Moms say kids got norovirus at Marysville trampoline park

MARYSVILLE, Wash. – A potential norovirus outbreak over the weekend at a Marysville trampoline park left nearly a dozen kids sick with extreme flu-like symptoms.

The virus is spreading through entire families, according to one mom who alerted Q13 News to the problem.

Christi Young said her 7-year-old son’s class was canceled Monday and will again be cancelled on Tuesday due to several sick children and parents.

“Saturday night, in the middle of the night, he woke up vomiting,” Young said. “He vomited through the night.”

Young’s son was one of nearly a dozen children who presented norovirus-like symptoms after attending a birthday party at Altitude Trampoline Park on Friday.

“I am looking at my other two girls like a ticking time-bomb,” Young said.

Officials at the health department said they were notified of the potential outbreak over the weekend and alerted the business. The health department does not keep track of suspected norovirus outbreaks and does not test businesses for the virus.

Young said she’s heard of at least 10 cases from the birthday party, and believes there are more.

“I started texting the other parents I knew from the party, and just person after person was saying ‘yes, we have it too,'" she said.

Altitude did not have any signs about the possible outbreak at its business onMonday. A company representative said they were not notifying parents verbally.

“I would not have dropped my daughter off had I known that,” said Heidi Kelso.

Kelso said she already has a sick husband at home, and can’t afford the possibility of him getting worse.

She said she was frustrated that management was mum, and believes it’s important for local businesses to look out for their communities.

“Just the right thing to do, to say that there might have been a case here, just something on the wall to say something happened,” she said.

Young said she called Altitude three times over the weekend to notify management of the potential outbreak.

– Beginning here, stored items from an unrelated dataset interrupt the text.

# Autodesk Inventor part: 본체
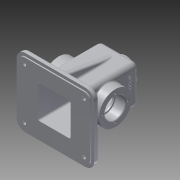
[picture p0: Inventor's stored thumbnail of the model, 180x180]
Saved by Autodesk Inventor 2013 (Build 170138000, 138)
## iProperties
Created: 2016-01
Part Number: 본체
Material: 알루미늄 6061
Document SubType Name: Modeling
Designer: User
Density: 2.71 g/cm^3
Mass: 806.269 g
Surface Area: 909.624 cm^2
Volume: 297.516 cm^3
Author: User
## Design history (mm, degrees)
sketch "스케치1"
  geometry: L1 (-32.5, 50)-(32.5, 50); L2 (32.5, 50)-(32.5, -50); L3 (32.5, -50)-(-32.5, -50); L4 (-32.5, -50)-(-32.5, 50); 3 further points
  constraints: 8 end point, 2 midpoint, 2 parallel, 1 horizontal, 1 horizontal alignment, 1 perpendicular, 1 vertical alignment
  dimensions: "d6" = 65 distance between parallel lines of L2 L4; "d8" = 100 distance between parallel lines of L3 L1
extrude "돌출1" new body sketch "스케치1" distance "d9" = 65; taper "d10" = 0 deg
sketch "스케치2"
  geometry: L1 (65, 0)-(65, 65) reference; L2 (0, 65)-(65, 65) reference; L3 (-32.5, 90)-(97.5, 90); L4 (97.5, 90)-(97.5, -25); L5 (97.5, -25)-(-32.5, -25); L6 (-32.5, -25)-(-32.5, 90); 5 further points
  constraints: 8 end point, 4 midpoint, 2 parallel, 1 horizontal, 1 horizontal alignment, 1 perpendicular, 1 vertical alignment
  dimensions: "d11" = 115 distance of L3.end L4.end; "d13" = 130 distance of L3.start L3.end
extrude "돌출2" join sketch "스케치2" distance "d14" = 10; taper "d15" = 0 deg
sketch "스케치3"
  geometry: L1 (97.5, 90)-(-32.5, 90) reference; L2 (97.5, -25)-(97.5, 90) reference; L3 (5, 60)-(60, 60); L4 (60, 60)-(60, 5); L5 (60, 5)-(5, 5); L6 (5, 5)-(5, 60); 5 further points
  constraints: 8 end point, 4 midpoint, 2 parallel, 1 horizontal, 1 horizontal alignment, 1 perpendicular, 1 vertical alignment
  dimensions: "d16" = 55 distance of L3.start L3.end; "d18" = 55 distance of L3.end L4.end
extrude "돌출3" cut sketch "스케치3" distance "d19" = 105; taper "d20" = 0 deg
sketch "스케치4"
  geometry: L1 (0, 0)-(65, 0) reference; L2 (90, -110)-(-25, -110) reference; C1 r 27.5 at (32.5, -55); 2 further points
  constraints: 1 centre point, 1 midpoint, 1 vertical alignment
  dimensions: "d21" = 55 diameter of C1; "d22" = 55 distance from line of C1.centre L2
extrude "돌출4" join sketch "스케치4" distance "d23" = 15; taper "d24" = 0 deg
sketch "스케치5"
  geometry: L1 (65, 0)-(0, 0) reference; L2 (90, -110)-(-25, -110) reference; C1 r 27.5 at (32.5, -55); 2 further points
  constraints: 1 centre point, 1 midpoint, 1 vertical alignment
  dimensions: "d25" = 55 diameter of C1; "d26" = 55 distance from line of C1.centre L2
extrude "돌출5" join sketch "스케치5" distance "d27" = 15; taper "d28" = 0 deg
sketch "스케치6"
  geometry: C1 r 27.5 at (0, 0) reference; C2 r 17.5 at (0, 0); C3 r 15 at (0, 0); 1 further point
  constraints: 2 centre point, 2 coincident
  dimensions: "d29" = 35 diameter of C2; "d30" = 30 diameter of C3
extrude "돌출6" cut sketch "스케치6" stored distance "d31" = 17; taper "d32" = 0 deg
extrude "돌출7" cut sketch "스케치6" distance "d33" = 17; taper "d34" = 0 deg
sketch "스케치7"
  geometry: C1 r 15 at (0, 0) reference; C2 r 27.5 at (0, 0) reference; C3 r 17.5 at (0, 0); 1 further point
  constraints: 1 centre point, 1 coincident
  dimensions: "d35" = 35 diameter of C3
extrude "돌출8" cut sketch "스케치7" distance "d36" = 17; taper "d37" = 0 deg
sketch "스케치8"
  geometry: L1 (0, 0)-(65, 0) reference; L2 (65, 0)-(65, -65) reference; C1 r 20 at (32.5, -32.5); 3 further points
  constraints: 2 midpoint, 1 centre point, 1 horizontal alignment, 1 vertical alignment
  dimensions: "d38" = 40 diameter of C1
extrude "돌출9" join sketch "스케치8" distance "d39" = 10; taper "d40" = 0 deg
sketch "스케치9"
  geometry: C1 r 20 at (0, 0) reference; C2 r 10.5 at (0, 0); 1 further point
  constraints: 1 centre point, 1 coincident
  dimensions: "d41" = 21 diameter of C2
extrude "돌출10" cut sketch "스케치9" distance "d42" = 46.75; taper "d43" = 0 deg
fillet "모깎기1" dims "d44" = 15
sketch "스케치10"
  geometry: C1 r 7.5 at (-17.5, 10); C2 r 7.5 at (82.5, 10); C3 r 7.5 at (82.5, -75); C4 r 7.5 at (-17.5, -75); C5 r 3 at (-17.5, 10); C6 r 3 at (82.5, 10); C7 r 3 at (82.5, -75); C8 r 3 at (-17.5, -75); A1 r 15 centre (-17.5, 10) between (-17.5, 25) and (-32.5, 10) reference; A2 r 15 centre (-17.5, -75) between (-32.5, -75) and (-17.5, -90) reference; A3 r 15 centre (82.5, -75) between (82.5, -90) and (97.5, -75) reference; A4 r 15 centre (82.5, 10) between (97.5, 10) and (82.5, 25) reference; 1 further point
  constraints: 8 centre point, 8 coincident
  dimensions: "d45" = 15 diameter of C1; "d46" = 15 diameter of C2; "d47" = 15 diameter of C3; "d48" = 15 diameter of C4; "d56" = 6 diameter of C5; "d57" = 6 diameter of C6; "d58" = 6 diameter of C7; "d59" = 6 diameter of C8
extrude "돌출11" cut sketch "스케치10" stored distance "d60" = 15 (= d47); taper "d61" = 0 deg
extrude "돌출12" join sketch "스케치10" distance "d62" = 3; taper "d63" = 0 deg
sketch "스케치11"
  geometry: L1 (-17.5, -25)-(82.5, -25) reference; L2 (97.5, -10)-(97.5, 75) reference; L3 (82.5, 90)-(-17.5, 90) reference; L4 (-32.5, 75)-(-32.5, -10) reference; L5 (-27.5, 85)-(92.5, 85); L6 (92.5, 85)-(92.5, -20); L7 (-27.5, -20)-(-27.5, 85); L8 (5, 5)-(5, 60) reference; L9 (5, 60)-(60, 60) reference; L10 (60, 5)-(5, 5) reference; L11 (92.5, -20)-(-27.5, -20); A1 r 15 centre (-17.5, -10) between (-32.5, -10) and (-17.5, -25) reference; A2 r 15 centre (82.5, -10) between (82.5, -25) and (97.5, -10) reference; A3 r 15 centre (82.5, 75) between (97.5, 75) and (82.5, 90) reference; A4 r 15 centre (-17.5, 75) between (-17.5, 90) and (-32.5, 75) reference; 7 further points
  constraints: 8 end point, 6 midpoint, 2 parallel, 2 vertical alignment, 1 horizontal alignment
  dimensions: "d64" = 5 distance between parallel lines of L2 L6; "d115" = 105 distance between parallel lines of L11 L5
extrude "돌출13" cut sketch "스케치11" distance "d65" = 2; taper "d66" = 0 deg
node "작업 평면2"
sketch "스케치12"
  geometry: L1 (-25, -100)-(-10, -100) reference; L2 (-17.5, -100)-(-2.5, -100) reference; L3 (75, -100)-(-10, -100) reference; L4 (0, 0)-(0, -100) reference; L5 (75, -100)-(90, -100) reference; L6 (65, -100)-(65, 0) reference; L7 (-15, -100)-(0, -14.931); L8 (80, -100)-(65, -14.931); 1 further point
  constraints: 4 end point, 4 point on line
  dimensions: "d67" = 10 distance of L7.start L1.start; "d68" = 10 distance of L8.start L5.end; "d71" = 10 deg angle of L6 L8; "d72" = 10 deg angle of L4 L7
feature "리브1" dims "d73" = 1, "d74" = 10, "d75" = 0, "d76" = 0, "d77" = 1, "d78" = 1
feature "리브2" dims "d79" = 1, "d80" = 10, "d81" = 0, "d82" = 0, "d83" = 1, "d84" = 1
sketch "스케치13" dims "d85" = 42
  geometry: C1 r 27.5 at (0, 0) reference; 3 further points
  constraints: 2 vertical alignment, 1 coincident, 2 other
hole "구멍2" sketch "스케치13" at (0, 21) diameter "d86" = 3.242; stored, may be unused: countersink angle "d90" = 90 deg, drill point angle "d92" = 118 deg; dims "d87" = 8, "d88" = 4, "d89" = 2, "d91" = 10
sketch "스케치14" dims "d96" = 29
  geometry: C1 r 10.5 at (0, 0) reference; 3 further points
  constraints: 2 vertical alignment, 1 coincident, 2 other
hole "구멍3" sketch "스케치14" at (0, 14.5) diameter "d97" = 2.459; stored, may be unused: countersink angle "d101" = 90 deg, drill point angle "d103" = 118 deg; dims "d98" = 7, "d99" = 4, "d100" = 2, "d102" = 9
fillet "모깎기2" dims "d107" = 0.3
fillet "모깎기3" dims "d108" = 0.3
chamfer "모따기1" distance "d109" = 1; stored, may be unused: second distance "d110" = 2, angle "d111" = 45 deg
chamfer "모따기2" distance "d112" = 1; stored, may be unused: second distance "d113" = 2, angle "d114" = 45 deg
fillet "모깎기4" dims "d116" = 10
node "작업 평면3"
sketch "스케치15"
  geometry: L1 (50, -50)-(-50, -50) reference; L2 (-32.5, -50)-(-32.5, 50) reference; L3 (-32.5, -32.5)-(-47.5, -32.5) reference; L4 (32.5, 50)-(32.5, -50) reference; L5 (32.5, -32.5)-(47.5, -32.5) reference; L6 (42.5, -32.5)-(42.5, -50); L7 (-42.5, -32.5)-(-42.5, -50); L8 (-27.5, -60)-(-27.5, 45) reference; L9 (27.5, -60)-(27.5, 45) reference; 1 further point
  constraints: 4 end point, 4 point on line, 1 parallel, 1 vertical
  dimensions: "d117" = 15 distance between parallel lines of L7 L8; "d118" = 15 distance between parallel lines of L6 L9
feature "리브3" dims "d119" = 1, "d120" = 6, "d121" = 0, "d122" = 0, "d123" = 1, "d124" = 1
feature "리브4" dims "d125" = 1, "d126" = 6, "d127" = 0, "d128" = 0, "d129" = 1, "d130" = 1
fillet "모깎기5" dims "d131" = 8
fillet "모깎기6" dims "d132" = 8
fillet "모깎기7" dims "d133" = 3
fillet "모깎기8" dims "d134" = 3
fillet "모깎기9" dims "d135" = 1
fillet "모깎기10" dims "d136" = 3
fillet "모깎기12" dims "d138" = 3
sketch "스케치16"
  geometry: L1 (-8, 0)-(-8, -91) reference; L2 (44.5, 18)-(4.5, 18) reference; 2 further points
  constraints: 1 other
  dimensions: "d139" = 32.5 distance from line of point (24.5, -8) L1; "d140" = 26 distance from line of point (24.5, -8) L2
feature "엠보싱1" sketch "스케치16" dims "d141" = 0.5, "d142" = 0
feature "면 기울기1" dims angle "d143" = 5 deg
fillet "모깎기13" dims "d144" = 3
fillet "모깎기14" dims "d145" = 3
node "솔리드1"
pattern_circular "원형 패턴1" dims angle "d94" = 360 deg
mirror "대칭1"
pattern_circular "원형 패턴2" dims angle "d105" = 360 deg

“I notified them as soon as I had that suspicion just for that reason, because I would think that they would want to protect the community that they serve by closing and sanitizing,” Young said.

Altitude owner, David Jones, said the company took steps as soon as there was news of a potential outbreak.

“They do a thorough cleaning every night, but they actually went through after hearing about the reports of people getting sick, they went through and did another thorough cleaning,” Jones said.

That cleaning happened on Sunday, using bleach-based products, a known killer of the norovirus.

Jones said he understands the mothers’ concerns, but without the health district saying the company is the culprit, he questioned if it’s Altitude's responsibility to tell parents about an unconfirmed outbreak.

“We don’t know if one of the kids was sick when he walked through the door and got all his buddies sick,” Jones said. “I want to do the right thing.”

The health district won’t do inspections to see if Altitude complied with cleaning protocol or test the property for the virus. It’s just one more reason, Young said it’s better to be safe and alert parents, than sick and sorry.

“I don’t think that’s a bad idea ever to notify people," she said.